# Work to complete
Which lines of the records below contain the word "drawing"? Report each of them in full.

# Given records
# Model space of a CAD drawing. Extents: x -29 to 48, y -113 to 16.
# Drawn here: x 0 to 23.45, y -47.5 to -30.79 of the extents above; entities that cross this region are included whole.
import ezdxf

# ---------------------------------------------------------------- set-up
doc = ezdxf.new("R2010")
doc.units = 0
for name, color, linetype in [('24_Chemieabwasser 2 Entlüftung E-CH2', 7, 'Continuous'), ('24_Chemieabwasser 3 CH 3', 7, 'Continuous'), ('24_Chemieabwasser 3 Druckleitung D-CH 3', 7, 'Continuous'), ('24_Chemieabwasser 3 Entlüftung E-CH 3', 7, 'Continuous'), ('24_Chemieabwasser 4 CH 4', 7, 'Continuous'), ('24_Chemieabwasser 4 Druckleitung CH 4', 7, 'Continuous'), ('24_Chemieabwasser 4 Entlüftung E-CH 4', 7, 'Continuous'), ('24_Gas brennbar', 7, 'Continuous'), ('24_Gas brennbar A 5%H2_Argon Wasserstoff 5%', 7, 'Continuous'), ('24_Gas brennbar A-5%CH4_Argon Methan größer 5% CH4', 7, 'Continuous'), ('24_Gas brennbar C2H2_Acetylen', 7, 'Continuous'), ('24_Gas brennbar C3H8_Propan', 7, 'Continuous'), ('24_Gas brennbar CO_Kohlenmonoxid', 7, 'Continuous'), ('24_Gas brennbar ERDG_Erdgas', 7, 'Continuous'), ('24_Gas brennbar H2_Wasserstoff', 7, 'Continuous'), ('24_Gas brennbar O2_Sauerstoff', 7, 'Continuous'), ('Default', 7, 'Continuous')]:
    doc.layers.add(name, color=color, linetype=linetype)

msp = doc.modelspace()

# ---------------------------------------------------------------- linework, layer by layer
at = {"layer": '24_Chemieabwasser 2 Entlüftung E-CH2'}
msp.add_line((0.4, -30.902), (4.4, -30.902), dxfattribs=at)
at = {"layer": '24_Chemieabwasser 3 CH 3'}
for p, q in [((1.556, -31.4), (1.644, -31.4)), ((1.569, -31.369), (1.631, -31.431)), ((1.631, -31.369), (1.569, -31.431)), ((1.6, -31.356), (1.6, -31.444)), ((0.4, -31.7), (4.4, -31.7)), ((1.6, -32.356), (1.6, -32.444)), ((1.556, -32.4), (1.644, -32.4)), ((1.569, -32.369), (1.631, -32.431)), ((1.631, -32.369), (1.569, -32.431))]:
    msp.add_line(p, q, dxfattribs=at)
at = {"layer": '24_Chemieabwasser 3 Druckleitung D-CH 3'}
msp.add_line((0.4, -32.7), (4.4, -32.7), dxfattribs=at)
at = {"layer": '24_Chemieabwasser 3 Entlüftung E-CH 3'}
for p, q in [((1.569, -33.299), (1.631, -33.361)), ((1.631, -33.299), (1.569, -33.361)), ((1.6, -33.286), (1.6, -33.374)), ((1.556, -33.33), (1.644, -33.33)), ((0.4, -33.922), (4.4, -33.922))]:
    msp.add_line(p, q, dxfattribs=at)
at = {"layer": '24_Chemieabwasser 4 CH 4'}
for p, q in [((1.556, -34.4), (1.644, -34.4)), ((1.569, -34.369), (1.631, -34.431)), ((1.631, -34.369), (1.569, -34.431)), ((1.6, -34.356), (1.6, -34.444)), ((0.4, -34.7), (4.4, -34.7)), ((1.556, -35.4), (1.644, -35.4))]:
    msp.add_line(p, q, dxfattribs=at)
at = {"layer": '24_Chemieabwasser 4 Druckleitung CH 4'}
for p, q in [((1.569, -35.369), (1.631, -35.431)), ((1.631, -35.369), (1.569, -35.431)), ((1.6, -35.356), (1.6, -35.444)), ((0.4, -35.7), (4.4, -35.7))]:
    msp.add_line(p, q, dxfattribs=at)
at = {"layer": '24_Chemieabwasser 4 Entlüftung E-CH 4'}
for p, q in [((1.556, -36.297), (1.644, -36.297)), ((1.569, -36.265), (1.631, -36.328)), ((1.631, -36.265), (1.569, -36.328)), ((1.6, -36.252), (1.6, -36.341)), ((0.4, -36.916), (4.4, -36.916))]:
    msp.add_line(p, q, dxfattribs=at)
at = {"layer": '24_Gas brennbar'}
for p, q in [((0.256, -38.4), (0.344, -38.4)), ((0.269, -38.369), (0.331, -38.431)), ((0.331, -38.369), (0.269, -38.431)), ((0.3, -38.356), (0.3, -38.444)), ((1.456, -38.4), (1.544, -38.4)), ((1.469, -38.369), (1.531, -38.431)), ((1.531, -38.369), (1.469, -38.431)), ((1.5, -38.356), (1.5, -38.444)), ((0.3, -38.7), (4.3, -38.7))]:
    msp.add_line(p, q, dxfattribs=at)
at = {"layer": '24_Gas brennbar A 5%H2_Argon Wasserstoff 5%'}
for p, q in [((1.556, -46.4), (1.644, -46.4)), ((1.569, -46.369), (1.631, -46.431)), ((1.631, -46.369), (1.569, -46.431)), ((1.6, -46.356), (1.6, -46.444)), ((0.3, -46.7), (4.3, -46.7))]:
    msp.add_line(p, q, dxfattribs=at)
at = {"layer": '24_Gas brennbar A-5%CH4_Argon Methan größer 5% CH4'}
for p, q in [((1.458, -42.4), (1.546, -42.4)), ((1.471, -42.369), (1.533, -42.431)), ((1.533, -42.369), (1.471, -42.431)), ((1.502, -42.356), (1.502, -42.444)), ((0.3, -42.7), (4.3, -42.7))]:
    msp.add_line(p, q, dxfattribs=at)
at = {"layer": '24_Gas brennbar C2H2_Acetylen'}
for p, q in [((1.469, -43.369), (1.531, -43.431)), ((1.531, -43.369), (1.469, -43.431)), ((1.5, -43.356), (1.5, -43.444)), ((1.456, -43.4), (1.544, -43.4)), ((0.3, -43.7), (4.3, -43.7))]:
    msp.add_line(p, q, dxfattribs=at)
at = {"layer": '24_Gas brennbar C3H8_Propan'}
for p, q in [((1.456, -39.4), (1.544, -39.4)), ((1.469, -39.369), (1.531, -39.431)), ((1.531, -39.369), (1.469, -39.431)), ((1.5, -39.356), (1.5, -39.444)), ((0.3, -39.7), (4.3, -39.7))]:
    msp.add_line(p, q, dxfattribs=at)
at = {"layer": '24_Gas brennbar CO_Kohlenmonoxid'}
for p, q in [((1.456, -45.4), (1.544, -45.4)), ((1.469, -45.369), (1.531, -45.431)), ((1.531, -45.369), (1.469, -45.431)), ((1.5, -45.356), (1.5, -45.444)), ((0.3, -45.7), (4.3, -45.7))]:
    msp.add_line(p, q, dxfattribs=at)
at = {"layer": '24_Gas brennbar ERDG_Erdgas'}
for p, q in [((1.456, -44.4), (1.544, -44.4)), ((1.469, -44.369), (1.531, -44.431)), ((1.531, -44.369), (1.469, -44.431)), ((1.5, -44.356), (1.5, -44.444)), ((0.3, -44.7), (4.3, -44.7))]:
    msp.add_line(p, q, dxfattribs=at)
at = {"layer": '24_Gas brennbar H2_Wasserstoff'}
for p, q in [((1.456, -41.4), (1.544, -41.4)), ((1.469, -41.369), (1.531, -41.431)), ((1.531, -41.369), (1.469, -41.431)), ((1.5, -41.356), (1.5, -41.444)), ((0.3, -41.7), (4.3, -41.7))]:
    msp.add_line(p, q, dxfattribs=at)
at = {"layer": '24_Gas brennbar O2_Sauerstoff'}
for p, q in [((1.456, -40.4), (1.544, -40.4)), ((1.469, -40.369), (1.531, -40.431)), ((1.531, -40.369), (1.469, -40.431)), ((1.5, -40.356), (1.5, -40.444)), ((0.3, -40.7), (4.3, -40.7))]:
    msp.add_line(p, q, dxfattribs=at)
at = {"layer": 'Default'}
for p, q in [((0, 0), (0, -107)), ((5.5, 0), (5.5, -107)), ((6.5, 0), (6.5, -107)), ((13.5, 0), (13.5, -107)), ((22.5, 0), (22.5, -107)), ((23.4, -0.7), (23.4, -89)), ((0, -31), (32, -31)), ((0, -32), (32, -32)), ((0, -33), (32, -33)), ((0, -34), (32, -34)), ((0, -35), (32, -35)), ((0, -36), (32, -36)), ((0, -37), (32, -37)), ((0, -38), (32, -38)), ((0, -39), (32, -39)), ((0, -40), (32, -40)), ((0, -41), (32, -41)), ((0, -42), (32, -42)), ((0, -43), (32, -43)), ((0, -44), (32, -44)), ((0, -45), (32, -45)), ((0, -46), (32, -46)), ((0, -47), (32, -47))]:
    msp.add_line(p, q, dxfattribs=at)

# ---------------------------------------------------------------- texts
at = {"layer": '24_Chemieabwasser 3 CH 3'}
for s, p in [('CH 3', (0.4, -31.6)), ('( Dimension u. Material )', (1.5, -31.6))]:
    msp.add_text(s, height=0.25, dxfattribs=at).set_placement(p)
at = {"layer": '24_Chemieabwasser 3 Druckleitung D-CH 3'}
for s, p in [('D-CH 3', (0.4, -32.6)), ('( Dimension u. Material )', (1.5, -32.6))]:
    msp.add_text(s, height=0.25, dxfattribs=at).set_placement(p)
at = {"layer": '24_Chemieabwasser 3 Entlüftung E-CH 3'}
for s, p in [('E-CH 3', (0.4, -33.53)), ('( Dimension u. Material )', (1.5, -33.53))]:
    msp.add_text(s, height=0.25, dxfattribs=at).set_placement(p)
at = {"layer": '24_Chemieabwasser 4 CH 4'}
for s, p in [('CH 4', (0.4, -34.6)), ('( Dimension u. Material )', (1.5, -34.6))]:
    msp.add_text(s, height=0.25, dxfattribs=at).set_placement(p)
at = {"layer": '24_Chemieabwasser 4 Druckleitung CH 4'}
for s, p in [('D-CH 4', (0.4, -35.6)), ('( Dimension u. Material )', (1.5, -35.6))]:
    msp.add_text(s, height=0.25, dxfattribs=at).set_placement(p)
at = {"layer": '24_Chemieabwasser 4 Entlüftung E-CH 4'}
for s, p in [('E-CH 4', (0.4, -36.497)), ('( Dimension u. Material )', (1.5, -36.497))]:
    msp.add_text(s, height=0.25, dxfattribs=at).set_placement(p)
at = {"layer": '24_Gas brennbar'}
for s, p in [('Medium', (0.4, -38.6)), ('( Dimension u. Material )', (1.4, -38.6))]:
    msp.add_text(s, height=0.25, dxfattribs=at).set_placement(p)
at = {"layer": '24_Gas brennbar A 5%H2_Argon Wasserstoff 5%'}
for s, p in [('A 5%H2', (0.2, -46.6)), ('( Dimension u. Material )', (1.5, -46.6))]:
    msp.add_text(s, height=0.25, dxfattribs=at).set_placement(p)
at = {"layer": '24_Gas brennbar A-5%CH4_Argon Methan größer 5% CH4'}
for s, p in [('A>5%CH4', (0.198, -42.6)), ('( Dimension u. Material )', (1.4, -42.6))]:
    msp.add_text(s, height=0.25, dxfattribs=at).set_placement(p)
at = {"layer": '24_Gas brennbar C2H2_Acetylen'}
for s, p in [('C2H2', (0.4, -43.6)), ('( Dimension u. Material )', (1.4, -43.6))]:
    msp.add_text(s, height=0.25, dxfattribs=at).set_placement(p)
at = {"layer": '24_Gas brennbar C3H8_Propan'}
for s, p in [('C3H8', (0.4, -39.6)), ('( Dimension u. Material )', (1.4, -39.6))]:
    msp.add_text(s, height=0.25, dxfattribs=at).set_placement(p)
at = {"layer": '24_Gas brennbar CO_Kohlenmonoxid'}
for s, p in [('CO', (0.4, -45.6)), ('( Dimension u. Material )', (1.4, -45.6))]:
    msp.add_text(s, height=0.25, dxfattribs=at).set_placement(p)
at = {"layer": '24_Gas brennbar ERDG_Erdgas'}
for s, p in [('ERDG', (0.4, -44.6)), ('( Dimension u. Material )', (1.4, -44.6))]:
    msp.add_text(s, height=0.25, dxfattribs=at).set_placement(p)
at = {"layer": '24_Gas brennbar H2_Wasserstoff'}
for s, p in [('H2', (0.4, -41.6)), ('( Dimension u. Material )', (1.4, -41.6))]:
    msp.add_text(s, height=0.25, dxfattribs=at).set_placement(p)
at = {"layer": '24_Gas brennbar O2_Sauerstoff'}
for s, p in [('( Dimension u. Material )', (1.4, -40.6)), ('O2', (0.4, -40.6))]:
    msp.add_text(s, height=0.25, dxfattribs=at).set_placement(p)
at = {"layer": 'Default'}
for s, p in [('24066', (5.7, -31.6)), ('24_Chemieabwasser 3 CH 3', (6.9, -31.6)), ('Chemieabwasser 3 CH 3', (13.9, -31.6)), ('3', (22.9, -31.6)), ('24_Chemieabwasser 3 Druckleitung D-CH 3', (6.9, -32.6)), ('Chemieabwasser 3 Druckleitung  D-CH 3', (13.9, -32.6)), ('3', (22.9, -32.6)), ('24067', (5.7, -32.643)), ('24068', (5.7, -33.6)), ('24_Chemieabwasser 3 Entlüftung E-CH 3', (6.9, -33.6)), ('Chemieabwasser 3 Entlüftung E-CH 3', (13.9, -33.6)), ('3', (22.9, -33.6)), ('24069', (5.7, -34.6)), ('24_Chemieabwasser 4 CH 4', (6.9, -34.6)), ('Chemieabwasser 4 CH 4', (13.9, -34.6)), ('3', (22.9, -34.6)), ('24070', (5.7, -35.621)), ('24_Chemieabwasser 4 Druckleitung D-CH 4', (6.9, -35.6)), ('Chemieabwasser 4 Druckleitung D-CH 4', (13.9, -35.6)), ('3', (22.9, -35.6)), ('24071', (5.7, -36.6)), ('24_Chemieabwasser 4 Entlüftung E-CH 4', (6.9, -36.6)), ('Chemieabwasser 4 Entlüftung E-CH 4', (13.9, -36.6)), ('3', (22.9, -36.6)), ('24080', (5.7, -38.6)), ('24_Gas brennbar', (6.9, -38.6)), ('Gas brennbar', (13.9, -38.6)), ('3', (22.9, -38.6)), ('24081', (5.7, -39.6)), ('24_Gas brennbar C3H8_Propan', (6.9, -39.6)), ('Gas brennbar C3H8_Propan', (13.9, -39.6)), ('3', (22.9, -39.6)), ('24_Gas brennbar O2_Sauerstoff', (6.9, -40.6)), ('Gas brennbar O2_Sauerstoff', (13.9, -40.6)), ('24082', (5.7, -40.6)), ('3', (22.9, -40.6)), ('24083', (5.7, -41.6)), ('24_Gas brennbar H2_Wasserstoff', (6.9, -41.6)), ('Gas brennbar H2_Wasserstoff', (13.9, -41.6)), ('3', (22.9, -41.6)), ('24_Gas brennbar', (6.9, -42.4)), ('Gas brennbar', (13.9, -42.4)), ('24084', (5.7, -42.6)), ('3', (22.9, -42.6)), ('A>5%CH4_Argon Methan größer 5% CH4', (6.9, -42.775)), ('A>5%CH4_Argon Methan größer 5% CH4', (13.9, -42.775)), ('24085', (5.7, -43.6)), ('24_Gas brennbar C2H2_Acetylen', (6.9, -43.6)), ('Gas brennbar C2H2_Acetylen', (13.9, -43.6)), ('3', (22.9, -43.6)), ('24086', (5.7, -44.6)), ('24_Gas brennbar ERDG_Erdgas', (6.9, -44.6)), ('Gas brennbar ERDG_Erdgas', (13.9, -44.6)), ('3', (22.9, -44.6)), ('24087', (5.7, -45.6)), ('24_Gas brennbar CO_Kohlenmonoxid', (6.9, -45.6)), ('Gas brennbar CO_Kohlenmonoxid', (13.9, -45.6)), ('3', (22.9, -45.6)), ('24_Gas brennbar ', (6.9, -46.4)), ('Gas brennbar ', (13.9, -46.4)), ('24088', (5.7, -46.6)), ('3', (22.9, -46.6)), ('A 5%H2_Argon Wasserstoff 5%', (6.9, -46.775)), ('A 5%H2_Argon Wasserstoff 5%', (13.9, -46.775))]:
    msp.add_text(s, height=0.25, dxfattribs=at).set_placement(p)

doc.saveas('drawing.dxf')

# Task answer
# Model space of a CAD drawing. Extents: x -29 to 48, y -113 to 16.
doc.saveas('drawing.dxf')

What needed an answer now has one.